A series of memos reveals how founder Ren Zhengfei is preparing the telco giant for battle with Washington.

Huawei workers eat at a cafeteria at the company's Bantian campus in Shenzhen, China. Picture: Kevin Frayer
Huawei workers eat at a cafeteria at the company's Bantian campus in Shenzhen, China. Picture: Kevin Frayer

Huawei Technologies founder Ren Zhengfei was preparing to gather his top executives in Argentina in December 2018 to discuss a sweeping reorganisation of the Chinese technology giant when he learned his daughter had been detained during a stopover in Vancouver.
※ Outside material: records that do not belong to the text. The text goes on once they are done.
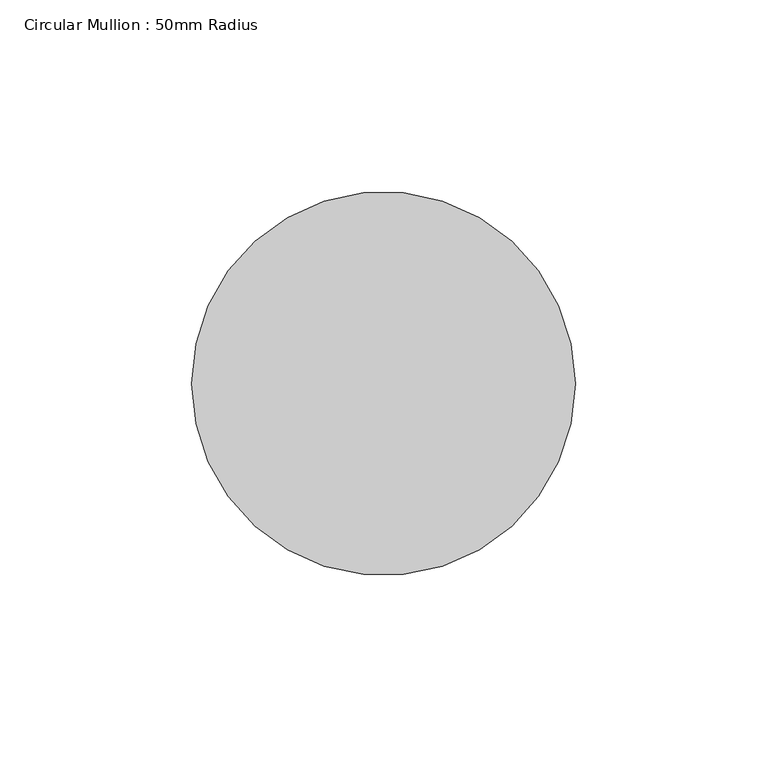
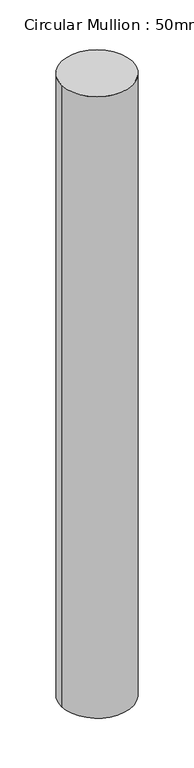
"""IFC4 building model written with IfcOpenShell, lengths in millimetres: member geometry, Circular Mullion : 50mm Radius."""

from ifc_helpers import new_model, si_unit, point, frame, origin, origin_2d, place, context, project, spatial, circle_curve, trimmed, segment, composite_curve, outline, extrude, source, transform, mapped, element, save


def circular_mullion_50mm_radius_7ab57a74(model_context):
    return source(origin(), model_context, "Body", "SweptSolid", [
        extrude(outline(composite_curve([segment(trimmed(circle_curve(origin_2d(), 50.0), [point((50.0, 0.0))], [point((-50.0, 0.0))], False, "CARTESIAN"), True, "CONTINUOUS"), segment(trimmed(circle_curve(origin_2d(), 50.0), [point((-50.0, 0.0))], [point((50.0, 0.0))], False, "CARTESIAN"), True, "CONTINUOUS")], self_intersect=False)), frame((0.0, 0.0, -923.2904119), z_axis=(0.0, 0.0, 1.0), x_axis=(1.0, 0.0, 0.0)), (0.0, 0.0, 1.0), 923.2904119),
    ])


if __name__ == "__main__":
    model = new_model("IFC4")
    model_context = context("Model", 3, world=origin())
    ifc_project = project(units=[si_unit("LENGTHUNIT", "METRE", prefix="MILLI")], contexts=[model_context])
    site = spatial("IfcSite", under=ifc_project)
    building = spatial("IfcBuilding", under=site)
    placement = place(None, origin())
    circular_mullion_50mm_radius_shape = circular_mullion_50mm_radius_7ab57a74(model_context)
    element("IfcMember", 1, ObjectType="Circular Mullion : 50mm Radius", at=placement, inside=building, context=model_context, shape_type="MappedRepresentation", body=[
        mapped(circular_mullion_50mm_radius_shape, transform((0.0, 0.0, 0.0), x_axis=(1.0, 0.0, 0.0), y_axis=(0.0, 1.0, 0.0), z_axis=(0.0, 0.0, 1.0))),
    ])
    save(model, "model.ifc")

# Revit data of these elements
# Type "Circular Mullion : 50mm Radius"
#   built-in parameter 1007350 = 0.164042 (stored number, unit not read)
# Element 1 (IfcMember, "Circular Mullion : 50mm Radius")
#   Materials on its faces: "Aluminium"
# Materials
#   "Aluminium": class "Metal", colour RGB 247 247 247, transparency 0, Description = "Aluminium 6061", Cost = 0
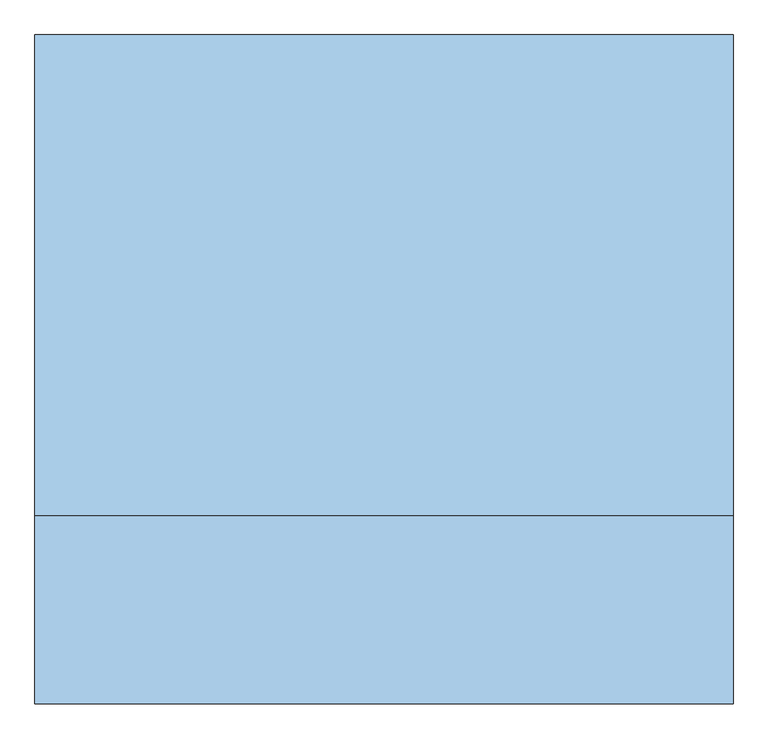
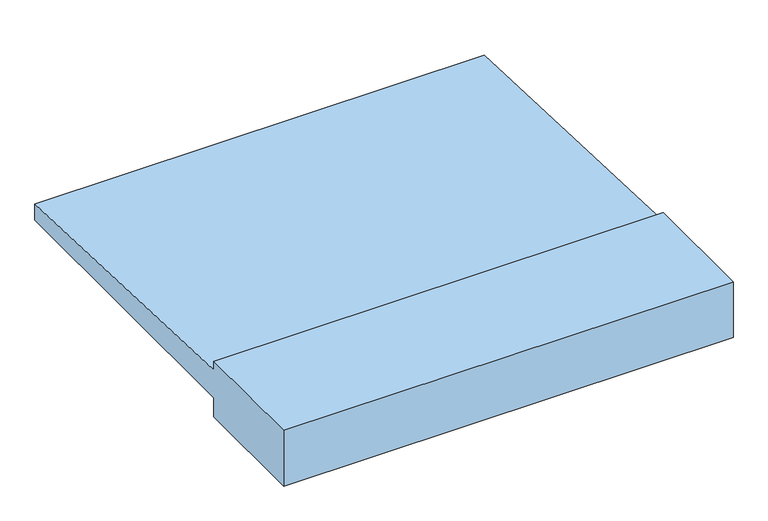
"""IFC4 building model written with IfcOpenShell, lengths in millimetres: window geometry, 캐노피 : 캐노피."""

from ifc_helpers import new_model, si_unit, frame, origin, place, context, project, spatial, polyline, outline, extrude, source, transform, mapped, element, save


def window_1abda111(model_context):
    return source(origin(), model_context, "Body", "SweptSolid", [
        extrude(outline(polyline([(-195.0, 800.0), (-195.0, 990.0), (195.0, 990.0), (195.0, 960.0), (1195.0, 920.0), (1195.0, 865.0), (195.0, 865.0), (195.0, 800.0), (-195.0, 800.0)])), frame((-725.0, 0.0, 0.0), z_axis=(1.0, 0.0, 0.0), x_axis=(0.0, 1.0, 0.0)), (0.0, 0.0, 1.0), 1450.0),
    ])


if __name__ == "__main__":
    model = new_model("IFC4")
    model_context = context("Model", 3, world=origin())
    ifc_project = project(units=[si_unit("LENGTHUNIT", "METRE", prefix="MILLI")], contexts=[model_context])
    site = spatial("IfcSite", under=ifc_project)
    building = spatial("IfcBuilding", under=site)
    placement = place(None, origin())
    window_shape = window_1abda111(model_context)
    element("IfcWindow", 1, ObjectType="캐노피 : 캐노피", at=placement, inside=building, context=model_context, shape_type="MappedRepresentation", body=[
        mapped(window_shape, transform((0.0, 0.0, 0.0), x_axis=(1.0, 0.0, 0.0), y_axis=(0.0, 1.0, 0.0), z_axis=(0.0, 0.0, 1.0))),
    ])
    save(model, "model.ifc")

# Revit data of these elements
# Type "캐노피 : 캐노피"
#   Type Mark = "203"
#   돌출길이 = 1000 mm
#   Height = 190 mm
#   Default Sill Height = 800 mm
#   Width = 1450 mm
#   Wall Closure = (empty or 0)
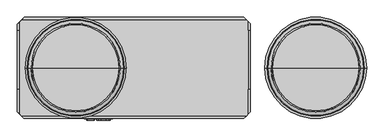
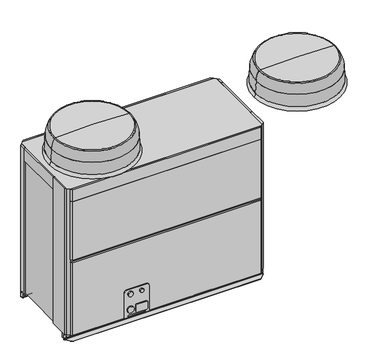
"""IFC4 building model written with IfcOpenShell, lengths in millimetres: proxy geometry, PURY-P168-288_YSJMU_Heat_Recovery_460V : PURY-P192YSJMU-A(-BS)_460V."""

from ifc_helpers import new_model, si_unit, point, frame, frame_2d, origin, place, context, project, spatial, polyline, circle_curve, ellipse_curve, trimmed, segment, composite_curve, outline, extrude, source, transform, mapped, element, save
from ifc_brep_helpers import plane_surface, cylinder_surface, revolved_surface, advanced_brep


def mechanical_equipment_7c6ddfd4(model_context):
    return source(origin(), model_context, "Body", "SolidModel", [
        advanced_brep(
        [(1130.4156536, 0.0, 1550.0000157), (1851.6603464, 0.0, 1550.0000157), (1491.038, 0.0, 1550.0000157), (1156.2569245, 0.0, 1635.7196156), (1825.8190755, 0.0, 1635.7196156), (1165.4260831, 0.0, 1640.2981249), (1816.6499169, 0.0, 1640.2981249), (1491.038, 0.0, 1649.794168)],
        [
            (0, 1, circle_curve(frame((1491.038, 0.0, 1550.0000157), z_axis=(0.0, 0.0, -1.0), x_axis=(1.0, 0.0, 0.0)), 360.6223464)),
            (1, 2),
            (2, 0),
            (1, 0, circle_curve(frame((1491.038, 0.0, 1550.0000157), z_axis=(0.0, 0.0, -1.0), x_axis=(1.0, 0.0, 0.0)), 360.6223464)),
            (3, 4, circle_curve(frame((1491.038, 0.0, 1635.7196156), z_axis=(0.0, 0.0, -1.0), x_axis=(1.0, 0.0, 0.0)), 334.7810755)),
            (4, 1, circle_curve(frame((1667.7568175, 0.0, 1541.3148332), z_axis=(0.0, 1.0, 0.0), x_axis=(1.0, 0.0, 0.0)), 184.1085015)),
            (0, 3, circle_curve(frame((1314.3191825, 0.0, 1541.3148332), z_axis=(0.0, 1.0, 0.0), x_axis=(-1.0, 0.0, 0.0)), 184.1085015)),
            (4, 3, circle_curve(frame((1491.038, 0.0, 1635.7196156), z_axis=(0.0, 0.0, -1.0), x_axis=(1.0, 0.0, 0.0)), 334.7810755)),
            (5, 6, circle_curve(frame((1491.038, 0.0, 1640.2981249), z_axis=(0.0, 0.0, -1.0), x_axis=(1.0, 0.0, 0.0)), 325.6119169)),
            (6, 4, circle_curve(frame((1816.6499169, 0.0, 1628.8275558), z_axis=(0.0, 1.0, 0.0), x_axis=(1.0, 0.0, 0.0)), 11.4705691)),
            (3, 5, circle_curve(frame((1165.4260831, 0.0, 1628.8275558), z_axis=(0.0, 1.0, 0.0), x_axis=(-1.0, 0.0, 0.0)), 11.4705691)),
            (6, 5, circle_curve(frame((1491.038, 0.0, 1640.2981249), z_axis=(0.0, 0.0, -1.0), x_axis=(1.0, 0.0, 0.0)), 325.6119169)),
            (7, 6, circle_curve(frame((1491.038, 0.0, -3937.4433334), z_axis=(0.0, 1.0, 0.0), x_axis=(1.0, 0.0, 0.0)), 5587.2375013)),
            (5, 7, circle_curve(frame((1491.038, 0.0, -3937.4433334), z_axis=(0.0, 1.0, 0.0), x_axis=(-1.0, 0.0, 0.0)), 5587.2375013)),
        ],
        [
            plane_surface(frame((1491.038, 0.0, 1550.0000157), z_axis=(0.0, 0.0, -1.0), x_axis=(1.0, 0.0, 0.0))),
            revolved_surface(trimmed(ellipse_curve(frame((1667.7568175, 0.0, 1541.3148332), z_axis=(0.0, -1.0, 0.0), x_axis=(1.0, 0.0, 0.0)), 184.1085015, 184.1085015), [point((1851.6603464, 0.0, 1550.0000157))], [point((1825.8190755, 0.0, 1635.7196156))], True, "CARTESIAN"), (1491.038, 0.0, 1605.0), (0.0, 0.0, 1.0)),
            revolved_surface(trimmed(ellipse_curve(frame((1816.6499169, 0.0, 1628.8275558), z_axis=(0.0, -1.0, 0.0), x_axis=(1.0, 0.0, 0.0)), 11.4705691, 11.4705691), [point((1825.8190755, 0.0, 1635.7196156))], [point((1816.6499169, 0.0, 1640.2981249))], True, "CARTESIAN"), (1491.038, 0.0, 1605.0), (0.0, 0.0, 1.0)),
            revolved_surface(trimmed(ellipse_curve(frame((1491.038, 0.0, -3937.4433334), z_axis=(0.0, -1.0, 0.0), x_axis=(1.0, 0.0, 0.0)), 5587.2375013, 5587.2375013), [point((1816.6499169, 0.0, 1640.2981249))], [point((1491.038, 0.0, 1649.794168))], True, "CARTESIAN"), (1491.038, 0.0, 1605.0), (0.0, 0.0, 1.0)),
        ],
        [
            (0, [[1, 2, 3]]),
            (0, [[4, -3, -2]]),
            (1, [[5, 6, -1, 7]]),
            (1, [[8, -7, -4, -6]]),
            (2, [[9, 10, -5, 11]]),
            (2, [[12, -11, -8, -10]]),
            (3, [[13, -9, 14]]),
            (3, [[-14, -12, -13]]),
        ],
    ),
        advanced_brep(
        [(1108.9881528, 0.0, 1410.0), (1873.0878472, 0.0, 1410.0), (1491.038, 0.0, 1410.0), (1125.5531583, 0.0, 1438.6914312), (1856.5228417, 0.0, 1438.6914312), (1130.4129453, 0.0, 1550.0000157), (1851.6630547, 0.0, 1550.0000157), (1491.038, 0.0, 1550.0000157)],
        [
            (0, 1, circle_curve(frame((1491.038, 0.0, 1410.0), z_axis=(0.0, 0.0, -1.0), x_axis=(1.0, 0.0, 0.0)), 382.0498472)),
            (1, 2),
            (2, 0),
            (1, 0, circle_curve(frame((1491.038, 0.0, 1410.0), z_axis=(0.0, 0.0, -1.0), x_axis=(1.0, 0.0, 0.0)), 382.0498472)),
            (3, 4, circle_curve(frame((1491.038, 0.0, 1438.6914312), z_axis=(0.0, 0.0, -1.0), x_axis=(1.0, 0.0, 0.0)), 365.4848417)),
            (4, 1, circle_curve(frame((1877.2748091, 0.0, 1431.5449644), z_axis=(0.0, -1.0, 0.0), x_axis=(1.0, 0.0, 0.0)), 21.9480327)),
            (0, 3, circle_curve(frame((1104.8011909, 0.0, 1431.5449644), z_axis=(0.0, -1.0, 0.0), x_axis=(-1.0, 0.0, 0.0)), 21.9480327)),
            (4, 3, circle_curve(frame((1491.038, 0.0, 1438.6914312), z_axis=(0.0, 0.0, -1.0), x_axis=(1.0, 0.0, 0.0)), 365.4848417)),
            (5, 6, circle_curve(frame((1491.038, 0.0, 1550.0000157), z_axis=(0.0, 0.0, -1.0), x_axis=(1.0, 0.0, 0.0)), 360.6250547)),
            (6, 4),
            (3, 5),
            (6, 5, circle_curve(frame((1491.038, 0.0, 1550.0000157), z_axis=(0.0, 0.0, -1.0), x_axis=(1.0, 0.0, 0.0)), 360.6250547)),
            (7, 6),
            (5, 7),
        ],
        [
            plane_surface(frame((1491.038, 0.0, 1410.0), z_axis=(0.0, 0.0, -1.0), x_axis=(1.0, 0.0, 0.0))),
            revolved_surface(trimmed(ellipse_curve(frame((1877.2748091, 0.0, 1431.5449644), z_axis=(0.0, 1.0, 0.0), x_axis=(1.0, 0.0, 0.0)), 21.9480327, 21.9480327), [point((1873.0878472, 0.0, 1410.0))], [point((1856.5228417, 0.0, 1438.6914312))], True, "CARTESIAN"), (1491.038, 0.0, 1470.0), (0.0, 0.0, 1.0)),
            revolved_surface(polyline([(1856.5228417, 0.0, 1438.6914312), (1851.6630547, 0.0, 1550.0000157)]), (1491.038, 0.0, 1470.0), (0.0, 0.0, 1.0)),
            plane_surface(frame((1491.038, 0.0, 1550.0000157), z_axis=(0.0, 0.0, 1.0), x_axis=(1.0, 0.0, 0.0))),
        ],
        [
            (0, [[1, 2, 3]]),
            (0, [[4, -3, -2]]),
            (1, [[5, 6, -1, 7]]),
            (1, [[8, -7, -4, -6]]),
            (2, [[9, 10, -5, 11]]),
            (2, [[12, -11, -8, -10]]),
            (3, [[13, -9, 14]]),
            (3, [[-14, -12, -13]]),
        ],
    ),
        extrude(outline(composite_curve([segment(trimmed(circle_curve(frame_2d((148.5853631, -142.3882489)), 9.9920268), [point((158.5773899, -142.3882489))], [point((148.5853631, -152.3802757))], False, "CARTESIAN"), True, "CONTINUOUS"), segment(polyline([(148.5853631, -152.3802757), (96.5694168, -152.3802757)]), True, "CONTINUOUS"), segment(trimmed(circle_curve(frame_2d((96.5694168, -142.3882489)), 9.9920268), [point((96.5694168, -152.3802757))], [point((86.5773899, -142.3882489))], False, "CARTESIAN"), True, "CONTINUOUS"), segment(polyline([(86.5773899, -142.3882489), (86.5773899, -60.3723026)]), True, "CONTINUOUS"), segment(trimmed(circle_curve(frame_2d((96.5694168, -60.3723026)), 9.9920268), [point((86.5773899, -60.3723026))], [point((96.5694168, -50.3802757))], False, "CARTESIAN"), True, "CONTINUOUS"), segment(polyline([(96.5694168, -50.3802757), (148.5853631, -50.3802757)]), True, "CONTINUOUS"), segment(trimmed(circle_curve(frame_2d((148.5853631, -60.3723026)), 9.9920268), [point((148.5853631, -50.3802757))], [point((158.5773899, -60.3723026))], False, "CARTESIAN"), True, "CONTINUOUS"), segment(polyline([(158.5773899, -60.3723026), (158.5773899, -142.3882489)]), True, "CONTINUOUS")], self_intersect=False)), frame((0.0, -397.2710787, 0.0), z_axis=(0.0, 1.0, 0.0), x_axis=(0.0, 0.0, 1.0)), (0.0, 0.0, 1.0), 12.5),
        extrude(outline(composite_curve([segment(trimmed(circle_curve(frame_2d((292.0295314, -55.1286698)), 21.9704686), [point((292.0295314, -33.1582012))], [point((314.0, -55.1286698))], False, "CARTESIAN"), True, "CONTINUOUS"), segment(polyline([(314.0, -55.1286698), (314.0, -226.9915314)]), True, "CONTINUOUS"), segment(trimmed(circle_curve(frame_2d((292.0295314, -226.9915314)), 21.9704686), [point((314.0, -226.9915314))], [point((292.0295314, -248.962))], False, "CARTESIAN"), True, "CONTINUOUS"), segment(polyline([(292.0295314, -248.962), (54.0, -248.962), (54.0, -33.1582012), (292.0295314, -33.1582012)]), True, "CONTINUOUS")], self_intersect=False), holes=[composite_curve([segment(trimmed(circle_curve(frame_2d((66.0219764, -74.4132816)), 7.4940201), [point((73.5159966, -74.4132816))], [point((58.5279563, -74.4132816))], True, "CARTESIAN"), True, "CONTINUOUS"), segment(polyline([(58.5279563, -74.4132816), (58.5279563, -209.3056439)]), True, "CONTINUOUS"), segment(trimmed(circle_curve(frame_2d((66.0219764, -209.3056439)), 7.4940201), [point((58.5279563, -209.3056439))], [point((73.5159966, -209.3056439))], True, "CARTESIAN"), True, "CONTINUOUS"), segment(polyline([(73.5159966, -209.3056439), (73.5159966, -74.4132816)]), True, "CONTINUOUS")], self_intersect=False)]), frame((0.0, -384.7710787, 0.0), z_axis=(0.0, 1.0, 0.0), x_axis=(0.0, 0.0, 1.0)), (0.0, 0.0, 1.0), 4.7710787),
        extrude(outline(composite_curve([segment(trimmed(circle_curve(frame_2d((272.5206481, -199.3802757)), 22.225), [point((272.5206481, -221.6052757))], [point((272.5206481, -177.1552757))], False, "CARTESIAN"), True, "CONTINUOUS"), segment(trimmed(circle_curve(frame_2d((272.5206481, -199.3802757)), 22.225), [point((272.5206481, -177.1552757))], [point((272.5206481, -221.6052757))], False, "CARTESIAN"), True, "CONTINUOUS")], self_intersect=False)), frame((0.0, -397.2710787, 0.0), z_axis=(0.0, 1.0, 0.0), x_axis=(0.0, 0.0, 1.0)), (0.0, 0.0, 1.0), 12.5),
        extrude(outline(composite_curve([segment(trimmed(circle_curve(frame_2d((272.5206481, -101.3802757)), 17.0), [point((272.5206481, -118.3802757))], [point((272.5206481, -84.3802757))], False, "CARTESIAN"), True, "CONTINUOUS"), segment(trimmed(circle_curve(frame_2d((272.5206481, -101.3802757)), 17.0), [point((272.5206481, -84.3802757))], [point((272.5206481, -118.3802757))], False, "CARTESIAN"), True, "CONTINUOUS")], self_intersect=False)), frame((0.0, -397.2710787, 0.0), z_axis=(0.0, 1.0, 0.0), x_axis=(0.0, 0.0, 1.0)), (0.0, 0.0, 1.0), 12.5),
        extrude(outline(composite_curve([segment(trimmed(circle_curve(frame_2d((127.8409633, -199.3802757)), 28.575), [point((127.8409633, -227.9552757))], [point((127.8409633, -170.8052757))], False, "CARTESIAN"), True, "CONTINUOUS"), segment(trimmed(circle_curve(frame_2d((127.8409633, -199.3802757)), 28.575), [point((127.8409633, -170.8052757))], [point((127.8409633, -227.9552757))], False, "CARTESIAN"), True, "CONTINUOUS")], self_intersect=False)), frame((0.0, -397.2710787, 0.0), z_axis=(0.0, 1.0, 0.0), x_axis=(0.0, 0.0, 1.0)), (0.0, 0.0, 1.0), 12.5),
        extrude(outline(polyline([(1001.038, 284.0), (985.038, 284.0), (985.038, 346.9999976), (1001.038, 330.9999976), (1001.038, 284.0)])), frame((0.0, 0.0, 54.0), z_axis=(0.0, 0.0, 1.0), x_axis=(1.0, 0.0, 0.0)), (0.0, 0.0, 1.0), 1356.0),
        extrude(outline(polyline([(985.038, -164.0), (1001.038, -164.0), (1001.038, -331.000002), (985.038, -347.000002), (985.038, -164.0)])), frame((0.0, 0.0, 54.0), z_axis=(0.0, 0.0, 1.0), x_axis=(1.0, 0.0, 0.0)), (0.0, 0.0, 1.0), 1356.0),
        extrude(outline(polyline([(932.5551598, 364.0), (932.5551598, 380.0), (952.0379976, 380.0), (968.0379976, 364.0), (932.5551598, 364.0)])), frame((0.0, 0.0, 54.0), z_axis=(0.0, 0.0, 1.0), x_axis=(1.0, 0.0, 0.0)), (0.0, 0.0, 1.0), 1245.8),
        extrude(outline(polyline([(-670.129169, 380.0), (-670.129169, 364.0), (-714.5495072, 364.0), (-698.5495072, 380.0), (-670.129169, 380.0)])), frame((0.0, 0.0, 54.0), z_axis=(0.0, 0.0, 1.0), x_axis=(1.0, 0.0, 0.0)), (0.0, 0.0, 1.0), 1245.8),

Meng Wanzhou, who also serves as the company’s chief financial officer, was wanted by the US for allegedly helping Huawei dodge sanctions on Iran. She urged her father to call off his trip.

“Dad, they are coming after you. Please be careful,” Ms Meng said, in a message relayed by her husband, a former Huawei employee.

Mr Ren ignored the advice. Accompanied by three close deputies, he took a circuitous route via Dubai and Brazil. Meeting at a resort in the foothills of the Andes mountains, executives devised a plan to decentralise the world’s largest maker of telecom equipment, starting with Argentina.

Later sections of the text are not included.